Work instructions:
Your answer should give again, exactly, the lines from the beginning of the entries below through the line containing "[diagram p0: schematic, sheet 1]". It must contain no pictures.

Data in this exercise:
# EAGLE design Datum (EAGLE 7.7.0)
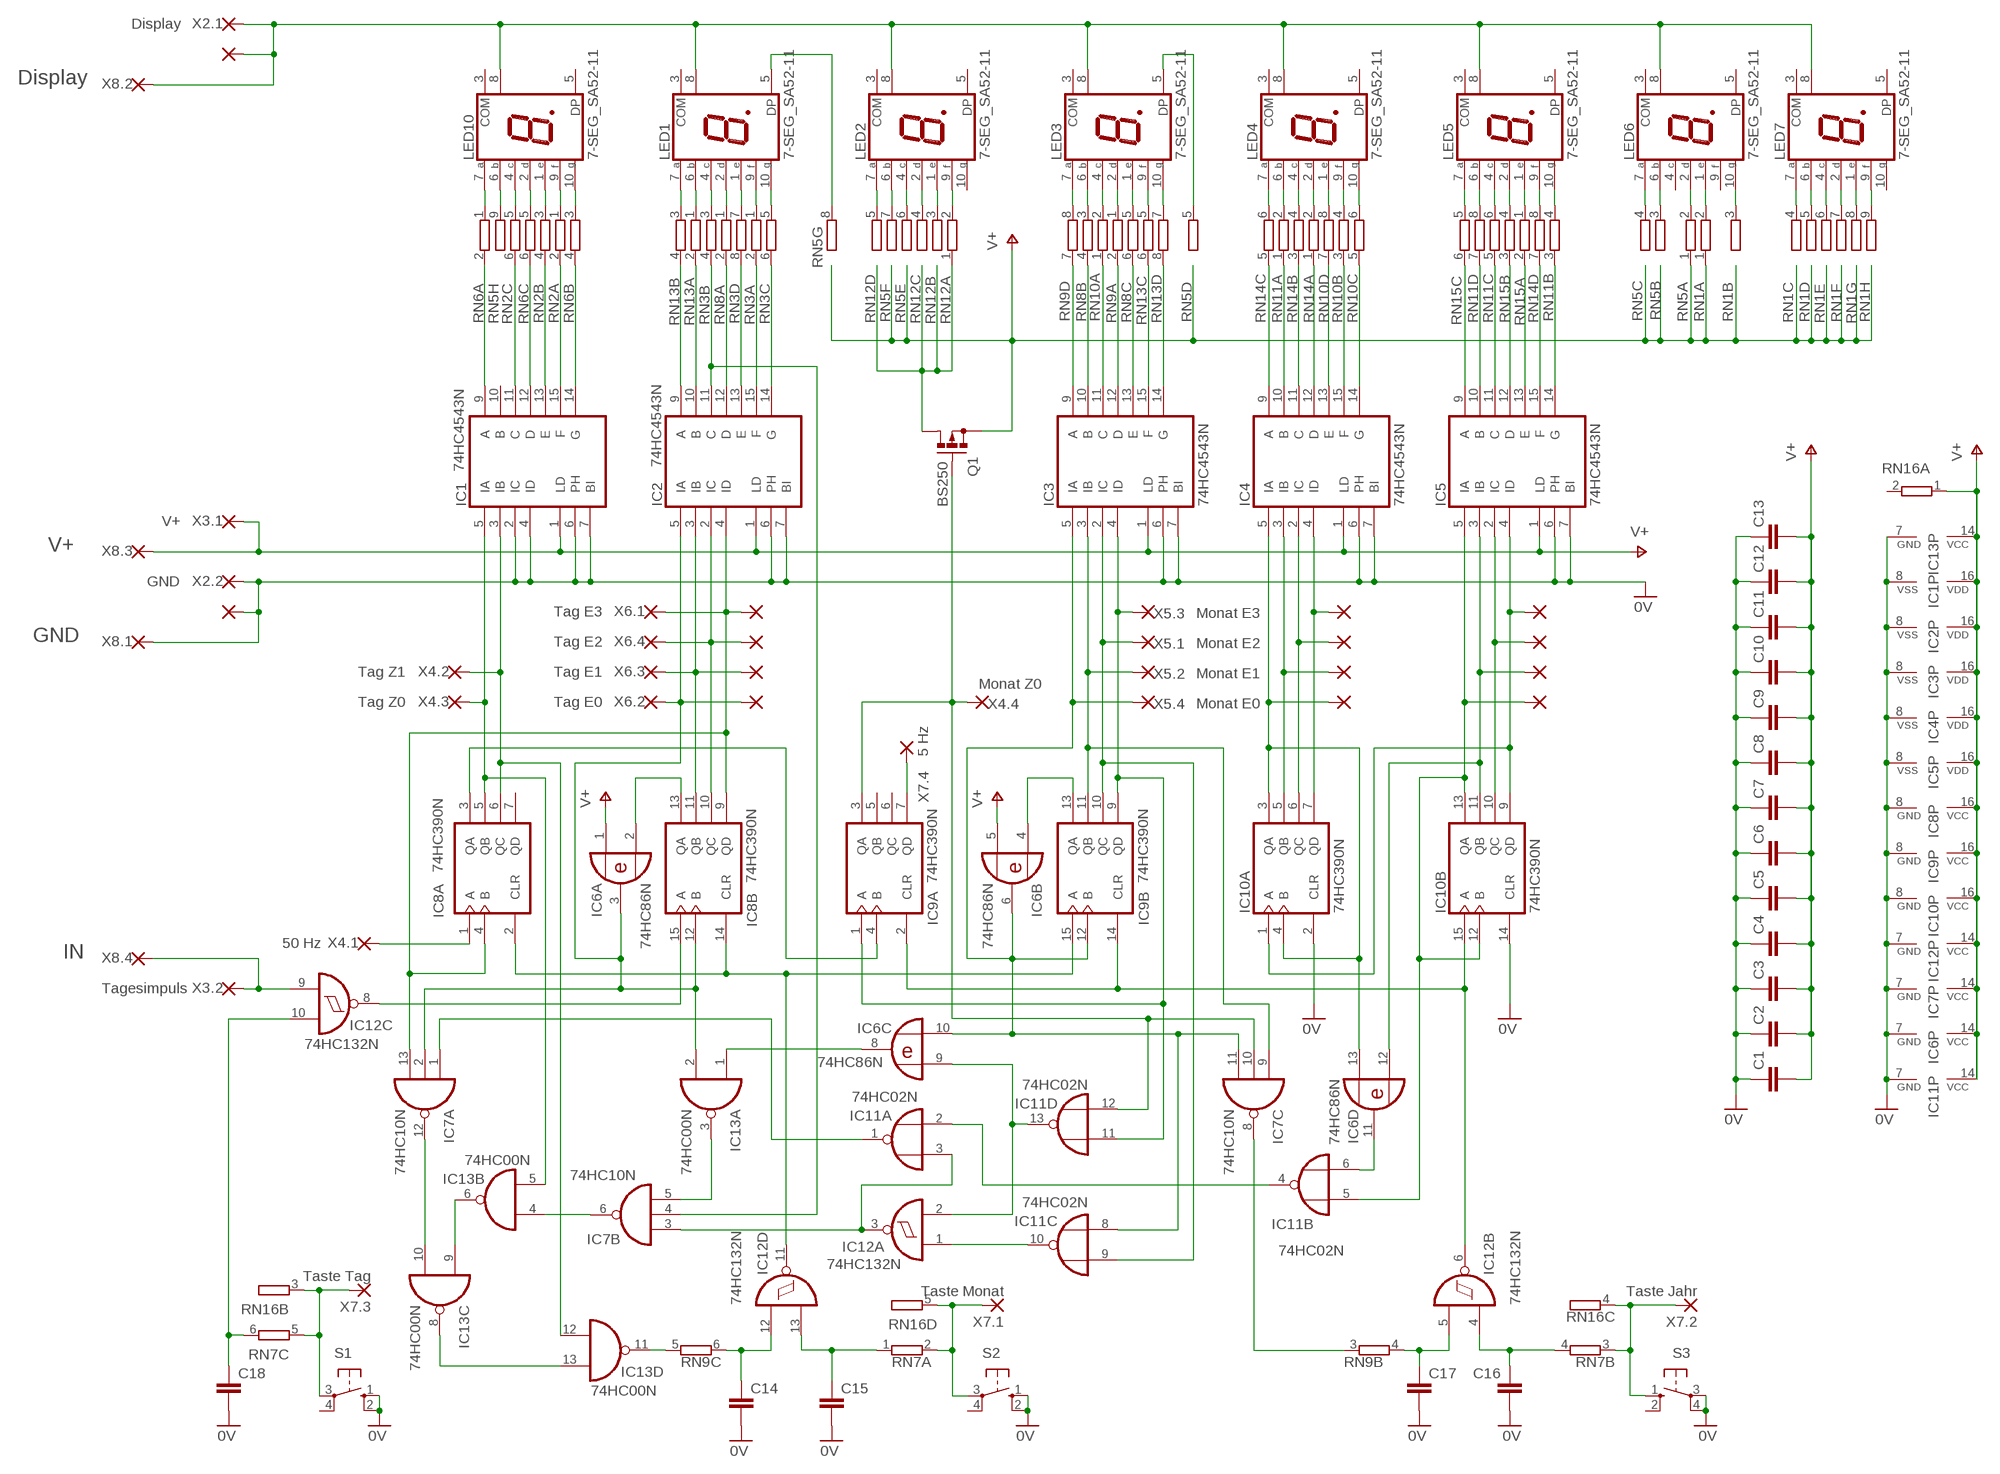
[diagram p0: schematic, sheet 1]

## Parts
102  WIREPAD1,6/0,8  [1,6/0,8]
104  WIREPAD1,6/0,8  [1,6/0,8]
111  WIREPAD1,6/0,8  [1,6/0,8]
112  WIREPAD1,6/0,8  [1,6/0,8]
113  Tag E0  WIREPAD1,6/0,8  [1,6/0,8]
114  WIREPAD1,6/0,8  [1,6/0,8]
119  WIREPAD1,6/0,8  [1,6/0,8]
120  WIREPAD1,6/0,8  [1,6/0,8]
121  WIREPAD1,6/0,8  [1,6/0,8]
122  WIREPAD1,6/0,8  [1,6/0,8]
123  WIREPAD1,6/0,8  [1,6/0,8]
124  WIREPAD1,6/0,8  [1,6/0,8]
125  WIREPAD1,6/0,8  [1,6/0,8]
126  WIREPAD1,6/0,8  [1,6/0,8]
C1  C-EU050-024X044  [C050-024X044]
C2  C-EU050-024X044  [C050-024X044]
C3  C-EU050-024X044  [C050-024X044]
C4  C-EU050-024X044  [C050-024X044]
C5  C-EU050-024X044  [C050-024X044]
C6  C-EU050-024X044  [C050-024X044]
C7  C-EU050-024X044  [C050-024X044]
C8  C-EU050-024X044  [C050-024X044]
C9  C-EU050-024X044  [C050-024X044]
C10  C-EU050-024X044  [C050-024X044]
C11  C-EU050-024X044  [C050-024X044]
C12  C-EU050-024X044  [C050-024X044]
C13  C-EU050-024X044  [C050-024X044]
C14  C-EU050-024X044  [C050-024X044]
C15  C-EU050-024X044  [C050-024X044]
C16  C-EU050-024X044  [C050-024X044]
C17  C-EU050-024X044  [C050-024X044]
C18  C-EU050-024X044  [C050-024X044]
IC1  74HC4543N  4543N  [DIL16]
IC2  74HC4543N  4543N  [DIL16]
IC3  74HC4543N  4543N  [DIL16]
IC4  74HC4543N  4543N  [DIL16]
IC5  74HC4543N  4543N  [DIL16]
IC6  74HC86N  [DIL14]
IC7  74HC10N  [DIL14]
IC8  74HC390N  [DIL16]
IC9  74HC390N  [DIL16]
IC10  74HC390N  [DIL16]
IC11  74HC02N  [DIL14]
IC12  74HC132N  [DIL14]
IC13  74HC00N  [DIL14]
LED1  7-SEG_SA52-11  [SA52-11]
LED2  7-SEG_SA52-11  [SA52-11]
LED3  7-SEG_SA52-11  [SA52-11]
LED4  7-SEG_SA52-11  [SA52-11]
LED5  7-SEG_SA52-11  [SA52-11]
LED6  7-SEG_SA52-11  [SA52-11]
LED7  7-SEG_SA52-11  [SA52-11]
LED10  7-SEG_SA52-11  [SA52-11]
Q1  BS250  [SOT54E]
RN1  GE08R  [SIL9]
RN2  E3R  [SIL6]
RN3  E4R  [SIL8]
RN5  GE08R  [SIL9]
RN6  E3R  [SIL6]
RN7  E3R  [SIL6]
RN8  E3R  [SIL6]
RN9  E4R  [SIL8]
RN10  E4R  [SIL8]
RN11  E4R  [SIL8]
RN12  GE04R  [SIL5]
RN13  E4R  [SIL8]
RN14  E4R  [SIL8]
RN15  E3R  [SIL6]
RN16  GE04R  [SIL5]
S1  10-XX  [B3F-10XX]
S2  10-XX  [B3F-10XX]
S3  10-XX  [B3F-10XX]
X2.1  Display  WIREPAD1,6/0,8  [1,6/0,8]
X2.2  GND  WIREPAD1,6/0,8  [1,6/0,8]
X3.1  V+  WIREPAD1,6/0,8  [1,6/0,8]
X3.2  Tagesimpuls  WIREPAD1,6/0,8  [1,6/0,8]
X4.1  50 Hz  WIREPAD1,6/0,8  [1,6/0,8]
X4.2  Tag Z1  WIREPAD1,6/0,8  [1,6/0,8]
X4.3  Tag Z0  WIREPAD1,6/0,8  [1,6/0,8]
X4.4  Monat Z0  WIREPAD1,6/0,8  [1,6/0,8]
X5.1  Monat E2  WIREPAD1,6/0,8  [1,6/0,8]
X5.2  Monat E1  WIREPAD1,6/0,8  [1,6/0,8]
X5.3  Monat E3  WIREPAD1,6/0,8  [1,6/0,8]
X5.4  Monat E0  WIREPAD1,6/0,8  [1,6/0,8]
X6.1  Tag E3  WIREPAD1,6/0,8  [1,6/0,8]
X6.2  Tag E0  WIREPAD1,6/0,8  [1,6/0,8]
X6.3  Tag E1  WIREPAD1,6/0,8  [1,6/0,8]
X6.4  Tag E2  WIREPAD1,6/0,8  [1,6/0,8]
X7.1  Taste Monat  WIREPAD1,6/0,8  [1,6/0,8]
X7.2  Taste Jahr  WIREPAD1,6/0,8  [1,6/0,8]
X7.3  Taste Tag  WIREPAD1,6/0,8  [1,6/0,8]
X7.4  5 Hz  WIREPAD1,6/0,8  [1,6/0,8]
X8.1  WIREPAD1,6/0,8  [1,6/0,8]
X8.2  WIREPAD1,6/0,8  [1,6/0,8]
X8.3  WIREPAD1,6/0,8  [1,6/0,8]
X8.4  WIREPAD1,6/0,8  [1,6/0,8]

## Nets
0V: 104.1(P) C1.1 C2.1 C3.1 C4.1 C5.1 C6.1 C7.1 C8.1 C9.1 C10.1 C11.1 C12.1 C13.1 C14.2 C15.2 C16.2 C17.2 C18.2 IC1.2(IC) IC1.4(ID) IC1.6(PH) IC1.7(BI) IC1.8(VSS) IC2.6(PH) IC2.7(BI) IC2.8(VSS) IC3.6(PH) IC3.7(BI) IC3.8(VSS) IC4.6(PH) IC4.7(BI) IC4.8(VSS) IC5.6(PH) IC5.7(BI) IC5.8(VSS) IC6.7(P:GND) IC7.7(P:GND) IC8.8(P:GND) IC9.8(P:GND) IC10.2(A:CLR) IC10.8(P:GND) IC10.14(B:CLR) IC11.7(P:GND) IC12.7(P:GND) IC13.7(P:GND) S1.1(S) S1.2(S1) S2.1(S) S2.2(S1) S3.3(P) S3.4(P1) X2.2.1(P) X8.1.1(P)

Answer to this exercise:
# EAGLE design Datum (EAGLE 7.7.0)
[diagram p0: schematic, sheet 1]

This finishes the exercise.